Images of the death of a 27-year-old young woman named Neda Agha-Soltan made her a symbol of people’s struggle during that period. The government quickly restricted and in some cases completely cut off the Internet and rapidly expelled foreign journalists from Iran to prevent the spread of this news. However, the scope of this protest, unlike previous protests, was more widespread. Protesters took advantage of every opportunity and government ceremony to appear in the streets.
From Quds Day to the death of Hosseinali Montazeri and even Ashura and Tasua of that same year, which was one of the bloodiest days of this uprising. According to official statistics, at least 12 people died in Tehran on Ashura. The scale of the crackdown was so extensive that Mir-Hossein Mousavi explicitly referred to “throwing innocent people off bridges and heights, shootings, running people over, and assassinations.”
The media dimensions of this incident provoked an international reaction. However, the government announced the end of this protest movement by holding a march on the 9th of Dey of that year, and ceremonies are held annually on the anniversary of this event.
- Unorganized Protests
The 1390s (2010s, Persian calendar) included widespread protests. Increased economic pressure, narrowing space for criticism, and hopelessness about the future had a significant impact on the nature of protests in the 2010s (Persian calendar).
- December 2017 (Dey 1396)
Ali Motahari, a former parliament representative, said: “The origin of these protests was within the government, but it quickly spiraled out of control.”
The December 2017 protests began in Mashhad.

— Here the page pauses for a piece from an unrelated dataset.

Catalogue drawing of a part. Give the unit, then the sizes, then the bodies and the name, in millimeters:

But they quickly spread, their nature changed, and they rapidly targeted the core of the system. One of the most famous slogans of that protest movement was “Reformists, conservatives! The story is over.”

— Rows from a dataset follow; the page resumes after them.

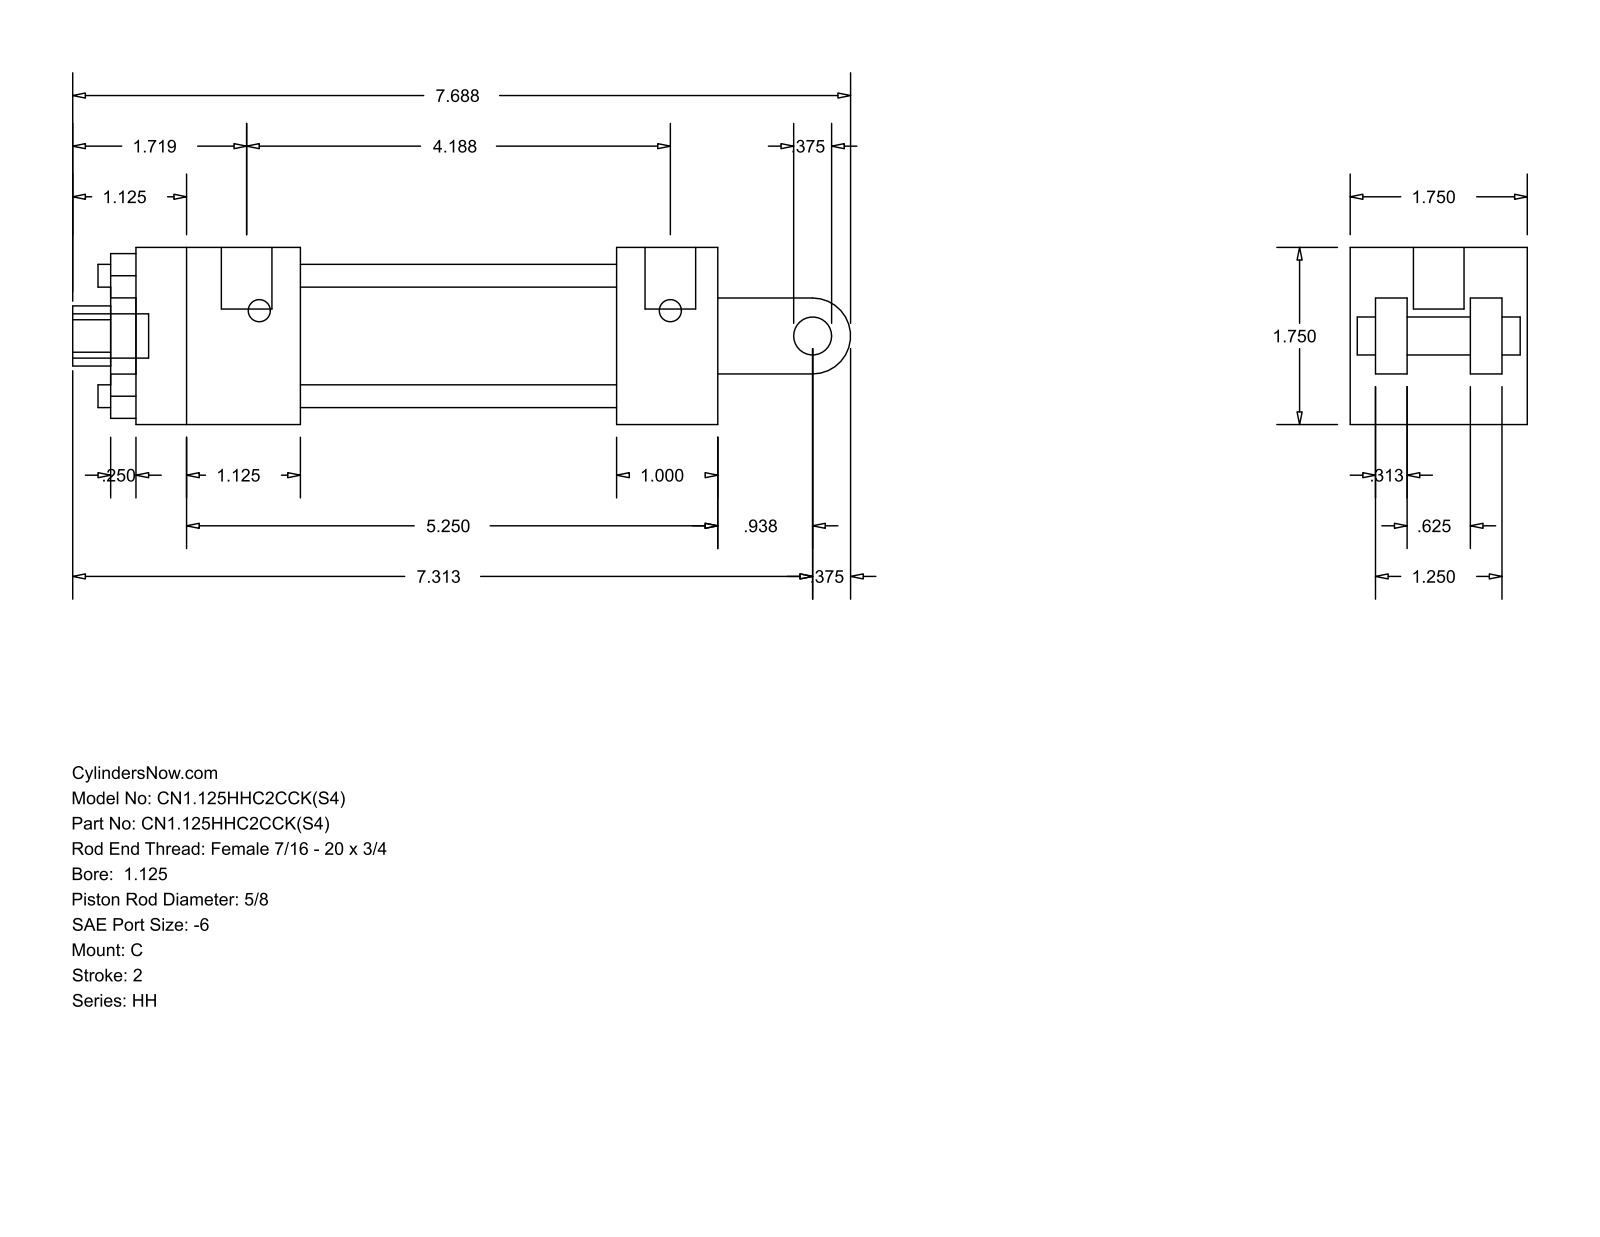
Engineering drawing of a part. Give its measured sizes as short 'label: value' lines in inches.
name: HH_C__0112_0.625
written by: GSSL Pune (CONFIG_CONTROL_DESIGN)
unit: in
bodies: 0 solids, 99 faces (70 planar, 29 cylindrical, 0 other)
size: 7.687 × 1.75 × 1.75
holes: 4× ⌀0.225, 2× ⌀0.219, 1× ⌀0.5, 1× ⌀0.625, 1× ⌀1.125, 1× ⌀1.375
bosses: 2× ⌀0.219, 1× ⌀0.5, 1× ⌀0.437, 1× ⌀0.375
rounds: 1× R0.297, 1× R0.375
face distances: 1.75, 0.25, 1.25, 0.563, 0.5, 1.188, 1.5, 0.313, 0.938, 1
hole spacings: 0.841, 1.19, 1.683
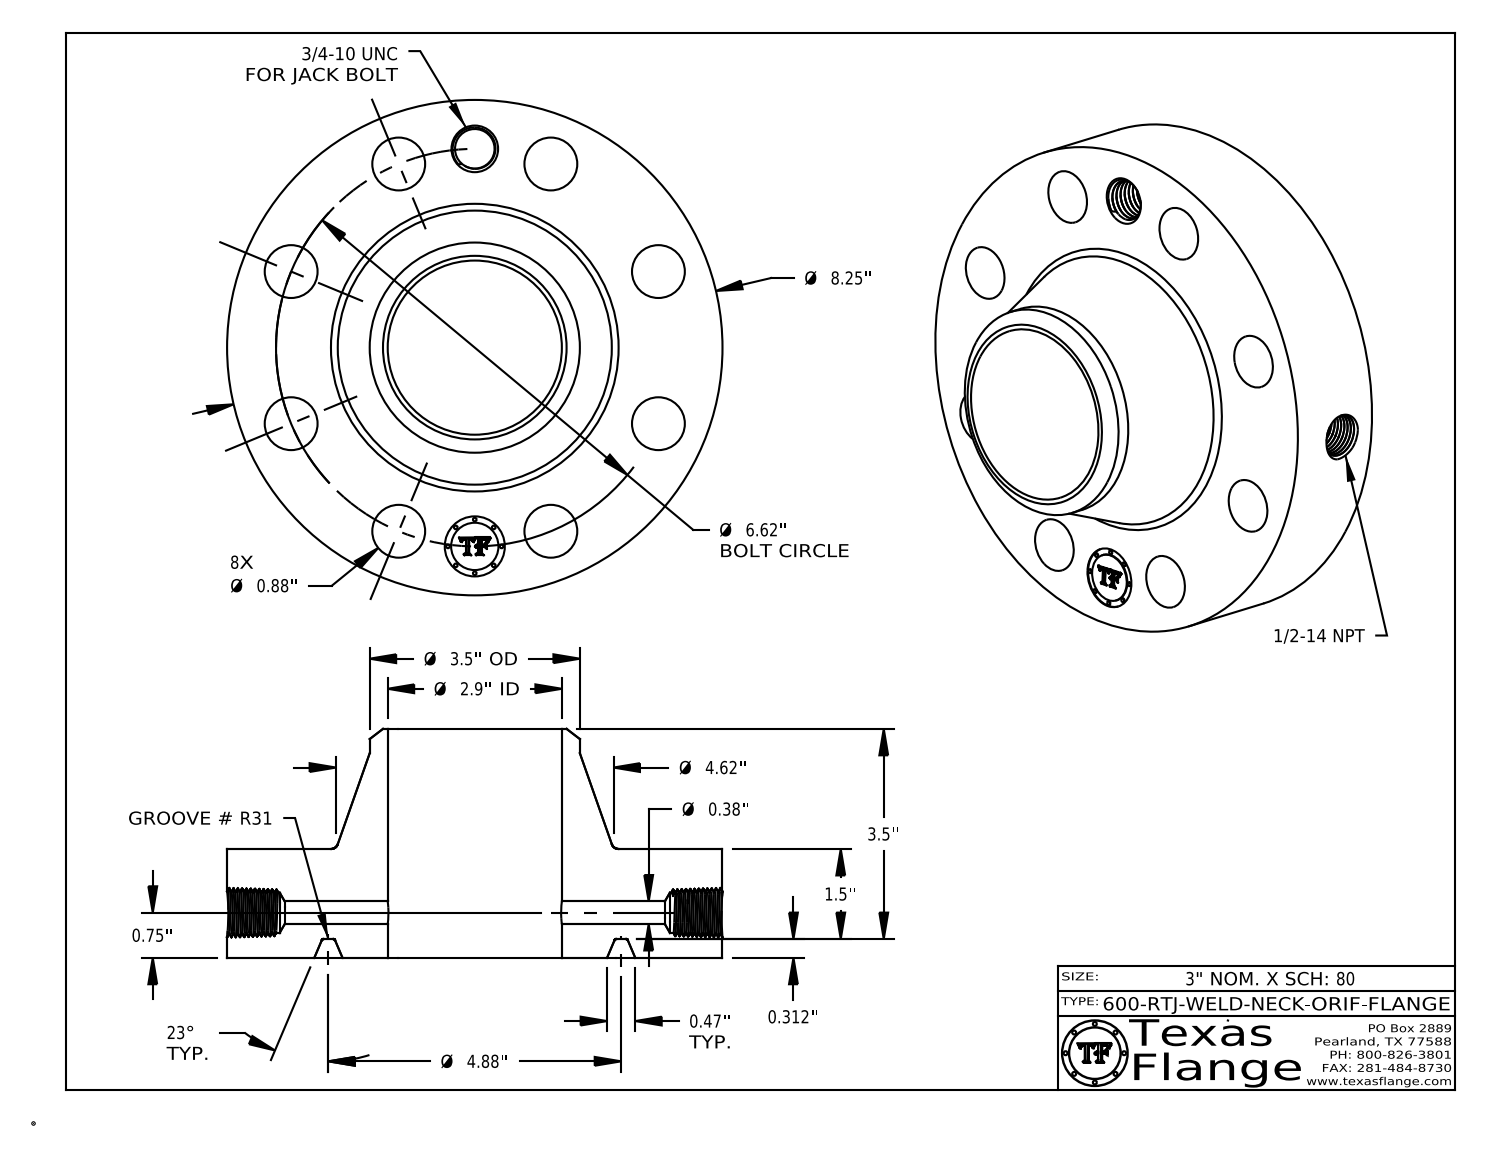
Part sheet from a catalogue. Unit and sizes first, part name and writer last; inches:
Units: inches
Overall size (bounding box): 8.25 × 8.25 × 3.812
Round holes (diameter × count): ⌀0.88 ×8, ⌀0.375 ×1, ⌀0.656 ×1, ⌀0.672 ×1, ⌀1 ×1, ⌀2.9 ×1
Round bosses / shafts (diameter × count): ⌀0.061 ×8, ⌀8.25 ×1, ⌀3.5 ×1, ⌀0.788 ×1
Main face-to-face distances: 1.812, 0.312, 1.5, 3.812, 3.5, 2, 0.015, 1.797, 1.485, 2.015
Hole centre spacings: 3.31, 4.681, 6.116, 6.62, 1.291, 2.533, 2.533, 3.678
Volume: 83.89 in³ · Surface area: 244.7 in²
Bodies: 1 solid, 795 faces (370 planar, 96 cylindrical, 329 other)
Part name (STEP PRODUCT): 600-RTJ-WELD-NECK
STEP written by: CATIA V5 STEP AP214 (AUTOMOTIVE_DESIGN)

Some experts described these protests, which spread rapidly across the country without any organization, as “protests by the vulnerable and neglected sectors of society.” But these protests were also suppressed with full force. Again, no statistics on the number of killed and arrested were released, but the formation of groups like “Mourning Mothers” indicates that the number of deaths in this protest movement was not small.
- The Bloody November
On the 24th of Aban 1398 (November 15, 2019), the reinstatement of gasoline rationing and a sudden 200 percent increase in fuel prices shocked the people.

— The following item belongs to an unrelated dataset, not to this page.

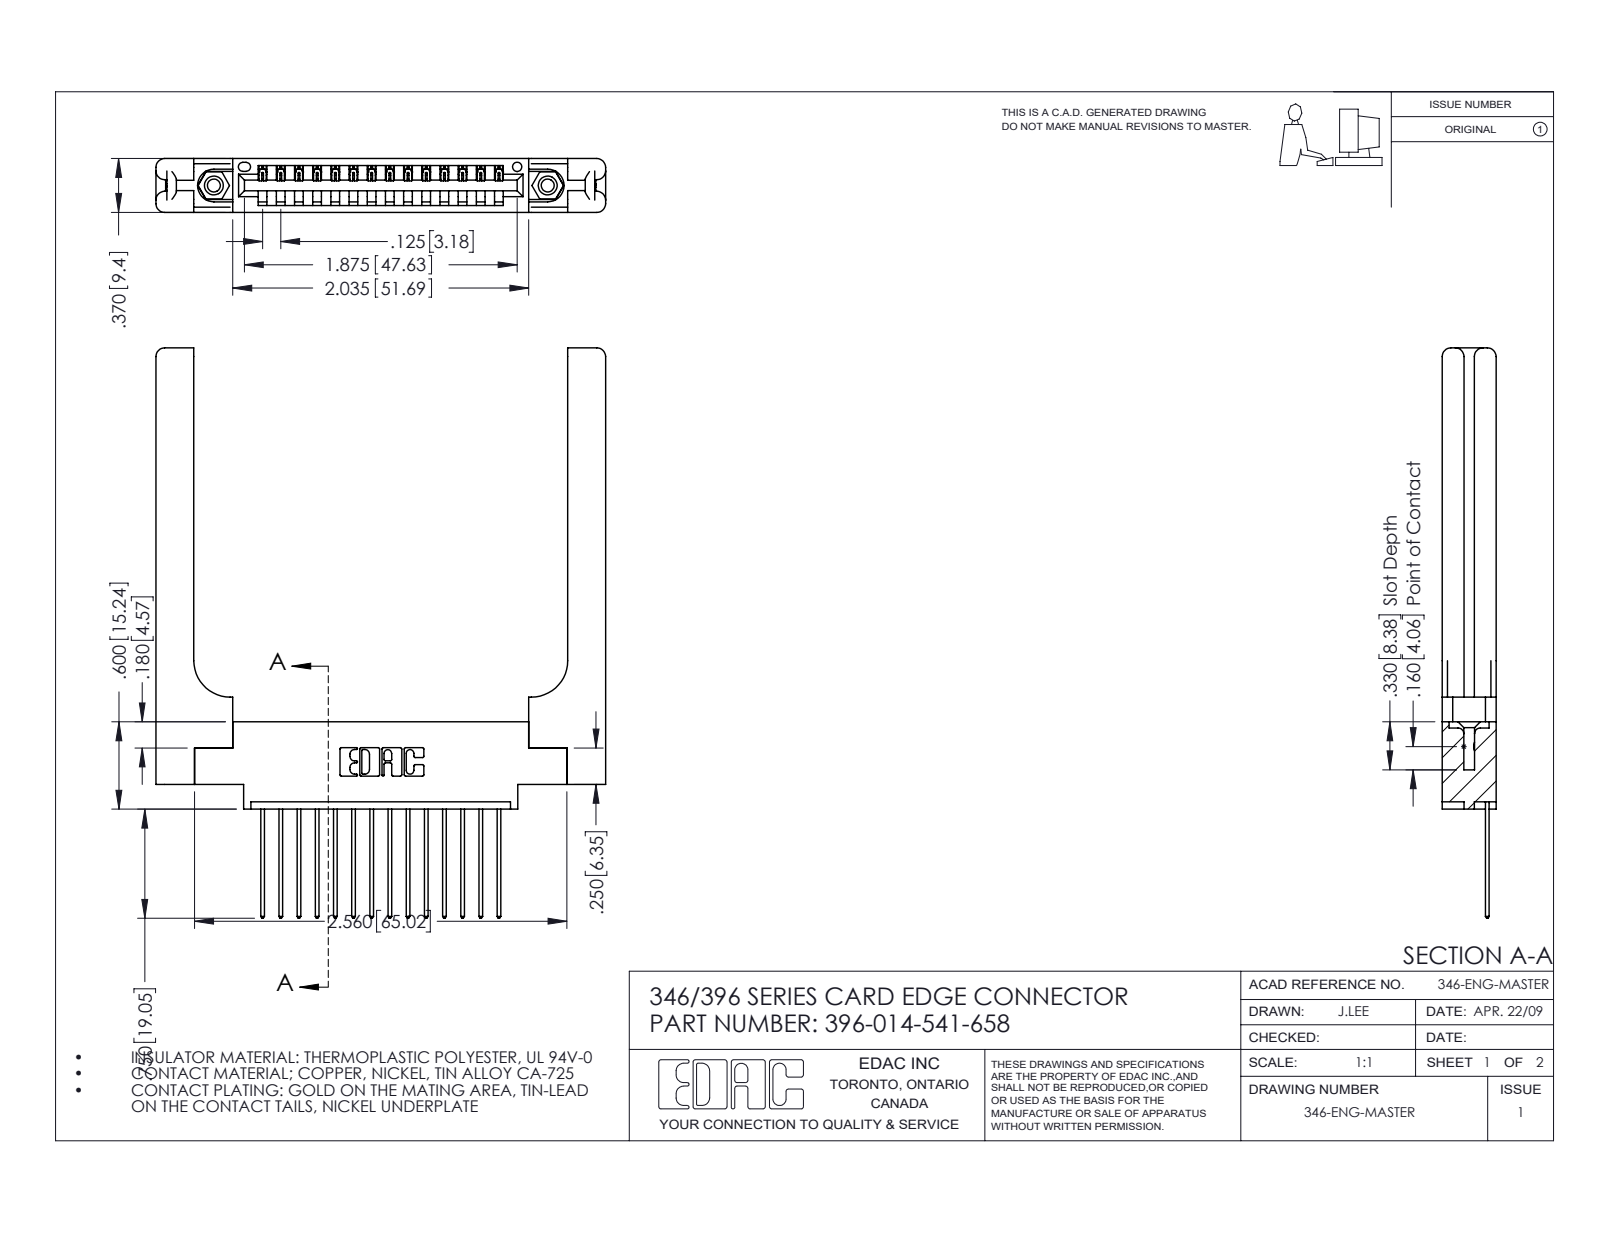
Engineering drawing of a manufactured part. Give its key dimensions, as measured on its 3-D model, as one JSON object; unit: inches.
{"part_name": "346 Part_0.170 Offset - 0.156 Dia-TH; 396-014-541-658; 346-220-058_345-220-058; 345-250-001_345-250-001-102 (+1 more)", "step_written_by": "SolidWorks 2016 (CONFIG_CONTROL_DESIGN)", "units": "inches", "bodies": {"solids": 19, "faces": 1194, "planar": 788, "cylindrical": 346, "other": 60}, "overall_size": [3.92, 3.091, 0.37], "volume_in3": 0.899, "surface_area_in2": 22.2, "round_holes": [[0.089, 2], [0.125, 2], [0.156, 2], [0.064, 1]], "round_bosses_or_shafts": [[0.155, 2]], "partial_cylinders_radius": [[0.006, 28], [0.01, 28], [0.01, 22], [0.06, 16], [0.007, 6], [0.031, 6], [0.026, 3], [0.03, 2]], "face_to_face_distances": [0.37, 0.15, 0.072, 0.148, 0.048, 0.322, 0.22, 0.25, 0.102, 0.173], "hole_center_spacings": [0.246, 2.089, 2.295]}

Some drivers, in a protest action, turned off their cars on the streets to display their protest. However, with the crackdown by security forces, the November 2019 protests quickly became one of the bloodiest incidents since the revolution.
The Islamic Republic, which had experienced international pressure following the spread of images of violent crackdowns in 2009, suddenly cut off the entire Internet and with the most severe possible measures suppressed these protests. Protests that lasted three days, but according to the latest statistics from “Amnesty International,” resulted in at least 323 deaths and according to “Reuters” around 1,500 deaths. Among the dead, at least 10 women and 22 children are notable. Reports state that most deaths resulted from gunshot wounds to the head or upper body.
Finally, the government provided no statistics on deaths, wounded, or arrests either.
Recently, a people’s court was held in the city of London by three human rights organizations “Justice for Iran,” “Iran Human Rights,” and “Together Against the Death Penalty” on the second anniversary of this bloody crackdown, and given the large volume of witnesses and evidence not yet released, these documents are to be collected over the next three months. The purpose of this court is to examine the dimensions of this bloody crackdown and investigate the possibility of committing “crimes against humanity” by the Islamic Republic government.